Hirono has previously declared that she believes Ford even before hearing either in testimony before the Committee. She also told all men everywhere to “shut up” and just stand with Ford. In her latest interview, Hirono was pressed on whether Kavanaugh has “the same presumption of innocence as anyone else in America?” For most people, the question would be an easy one to answer in the affirmative, Hirono demurred and declined to say that she would afford Kavanaugh this core presumption of the rule of law. She said that she would “put his denial in the context of everything that I know about him in terms of how he approaches his cases.” She said that she would consider his “ideological agenda” and her view that “he very much is against women’s reproductive choice.”

Hirono’s mixing of factual with ideological considerations further degrades a process that is already deeply undermined by last minute allegations and partisan bickering. It is also curious to see a senator tie credibility on sexual misconduct to one’s view of Roe v. Wade. Bill Clinton, Harvey Weinstein, Matt Lauer, Al Franken and others were all reportedly pro-choice but also labeled as abusers.

Such a reference to an accused’s political or ideological views by a judge would be viewed as the basis for a mandatory recusal for bias. It is entirely immaterial how one views constitutional rights in whether they should be believed in denying the commission of a crime.

There was, of course, a time when such a presumption of guilt on the basis for religion or nationality or other characteristics was an accepted (even celebrated) practice. During the Spanish Inquisition, who you were would determine whether you would be believed. It was not just suspected Jews but others like foreigners who faced an effective presumption of guilt.

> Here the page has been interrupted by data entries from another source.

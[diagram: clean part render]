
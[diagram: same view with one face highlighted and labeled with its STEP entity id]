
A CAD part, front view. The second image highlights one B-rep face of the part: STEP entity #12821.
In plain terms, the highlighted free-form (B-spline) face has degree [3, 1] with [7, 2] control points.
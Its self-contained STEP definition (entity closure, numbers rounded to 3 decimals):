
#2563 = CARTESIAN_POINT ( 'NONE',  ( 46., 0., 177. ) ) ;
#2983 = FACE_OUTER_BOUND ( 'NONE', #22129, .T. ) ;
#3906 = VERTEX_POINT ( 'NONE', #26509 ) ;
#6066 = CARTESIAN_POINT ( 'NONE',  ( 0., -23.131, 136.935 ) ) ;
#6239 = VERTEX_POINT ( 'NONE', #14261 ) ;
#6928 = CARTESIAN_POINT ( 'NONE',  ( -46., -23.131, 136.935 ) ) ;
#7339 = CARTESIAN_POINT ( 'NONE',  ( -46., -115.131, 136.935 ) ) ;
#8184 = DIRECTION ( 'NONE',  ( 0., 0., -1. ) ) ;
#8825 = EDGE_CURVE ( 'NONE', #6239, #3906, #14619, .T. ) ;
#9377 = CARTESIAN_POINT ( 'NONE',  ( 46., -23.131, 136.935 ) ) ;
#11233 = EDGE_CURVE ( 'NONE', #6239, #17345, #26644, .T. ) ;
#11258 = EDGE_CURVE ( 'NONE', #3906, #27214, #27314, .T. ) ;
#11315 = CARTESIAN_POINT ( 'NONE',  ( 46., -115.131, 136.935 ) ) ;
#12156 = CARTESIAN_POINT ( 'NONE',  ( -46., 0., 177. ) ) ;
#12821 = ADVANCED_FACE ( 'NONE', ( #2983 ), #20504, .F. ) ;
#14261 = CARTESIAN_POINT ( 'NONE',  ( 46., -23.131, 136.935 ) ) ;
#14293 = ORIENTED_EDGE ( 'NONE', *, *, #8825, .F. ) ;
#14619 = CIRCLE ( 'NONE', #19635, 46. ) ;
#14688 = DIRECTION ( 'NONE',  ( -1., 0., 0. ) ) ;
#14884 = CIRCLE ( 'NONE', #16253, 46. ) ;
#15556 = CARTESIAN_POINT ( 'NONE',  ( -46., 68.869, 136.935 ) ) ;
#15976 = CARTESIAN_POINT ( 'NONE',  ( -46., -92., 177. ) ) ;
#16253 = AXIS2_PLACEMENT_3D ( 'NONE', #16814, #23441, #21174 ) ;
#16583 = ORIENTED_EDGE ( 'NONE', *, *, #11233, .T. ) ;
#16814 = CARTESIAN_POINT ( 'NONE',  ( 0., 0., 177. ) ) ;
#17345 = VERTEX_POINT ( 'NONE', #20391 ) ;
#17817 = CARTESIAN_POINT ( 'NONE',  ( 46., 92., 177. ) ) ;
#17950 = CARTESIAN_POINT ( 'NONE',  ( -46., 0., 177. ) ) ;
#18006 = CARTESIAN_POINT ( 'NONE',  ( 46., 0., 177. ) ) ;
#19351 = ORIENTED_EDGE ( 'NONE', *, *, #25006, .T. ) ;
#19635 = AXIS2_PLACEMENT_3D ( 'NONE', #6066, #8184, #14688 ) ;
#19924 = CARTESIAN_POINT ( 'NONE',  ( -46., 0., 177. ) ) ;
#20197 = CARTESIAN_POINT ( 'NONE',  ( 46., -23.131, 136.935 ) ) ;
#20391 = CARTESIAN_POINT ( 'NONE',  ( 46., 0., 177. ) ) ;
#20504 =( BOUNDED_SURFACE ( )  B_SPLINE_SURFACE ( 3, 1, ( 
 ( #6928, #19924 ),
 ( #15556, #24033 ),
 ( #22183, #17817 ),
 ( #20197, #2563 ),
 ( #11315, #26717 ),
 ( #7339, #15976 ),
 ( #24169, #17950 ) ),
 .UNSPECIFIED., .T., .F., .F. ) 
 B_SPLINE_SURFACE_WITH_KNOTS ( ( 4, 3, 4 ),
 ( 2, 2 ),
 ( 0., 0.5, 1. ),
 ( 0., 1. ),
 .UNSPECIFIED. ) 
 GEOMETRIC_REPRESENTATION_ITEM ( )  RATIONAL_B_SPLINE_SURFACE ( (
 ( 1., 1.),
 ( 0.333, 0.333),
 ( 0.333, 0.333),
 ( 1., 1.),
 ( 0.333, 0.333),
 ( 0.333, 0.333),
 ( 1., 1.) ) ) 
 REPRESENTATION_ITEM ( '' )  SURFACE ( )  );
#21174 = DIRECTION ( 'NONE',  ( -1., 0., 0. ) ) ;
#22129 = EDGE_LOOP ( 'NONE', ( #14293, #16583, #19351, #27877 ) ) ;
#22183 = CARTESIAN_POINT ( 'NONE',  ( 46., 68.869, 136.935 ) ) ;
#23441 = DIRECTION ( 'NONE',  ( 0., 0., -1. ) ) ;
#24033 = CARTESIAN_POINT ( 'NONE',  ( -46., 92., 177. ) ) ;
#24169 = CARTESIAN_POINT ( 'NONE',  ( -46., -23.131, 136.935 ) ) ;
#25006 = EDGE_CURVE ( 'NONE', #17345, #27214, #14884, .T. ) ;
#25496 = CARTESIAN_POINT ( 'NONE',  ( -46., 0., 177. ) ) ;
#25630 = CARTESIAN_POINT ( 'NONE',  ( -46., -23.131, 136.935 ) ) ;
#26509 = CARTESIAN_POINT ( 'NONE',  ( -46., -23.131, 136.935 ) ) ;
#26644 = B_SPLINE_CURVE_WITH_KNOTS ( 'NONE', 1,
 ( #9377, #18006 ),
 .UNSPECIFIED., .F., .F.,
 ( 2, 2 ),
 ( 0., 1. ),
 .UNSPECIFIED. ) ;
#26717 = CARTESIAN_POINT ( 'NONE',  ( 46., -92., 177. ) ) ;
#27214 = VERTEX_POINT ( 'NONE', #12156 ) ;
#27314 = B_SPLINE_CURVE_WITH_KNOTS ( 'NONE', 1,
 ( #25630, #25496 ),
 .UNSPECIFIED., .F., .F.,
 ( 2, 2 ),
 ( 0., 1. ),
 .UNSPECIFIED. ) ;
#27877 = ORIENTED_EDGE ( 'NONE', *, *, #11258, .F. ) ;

When Pedro Ginesta, an elderly man from France was arrested in 1635 for eating bacon on a day of abstinence, the indictment declared “The said prisoner being of a nation infected with heresy [France], it is presumed” that he is lying and part of “the sect of Luther.”

France for its part had the same difficulty with separating politics from law. During the French Revolution, the Law of Suspects was passed in 1793 relieving tribunals of the burden of minimal evidence in ordering arrests and any perceived counter-revolutionary views was enough to be indicted. Jacobins saw law and politics as inextricably linked. Of course, the desire to use legal or legislative means to punish political opponents becomes an insatiable appetite. One year later, the tribunals passed the Law of 22 Prairial, which stripped away remaining protections for the accused and allowed juries to convict on the ambiguous basis of “moral certainty.”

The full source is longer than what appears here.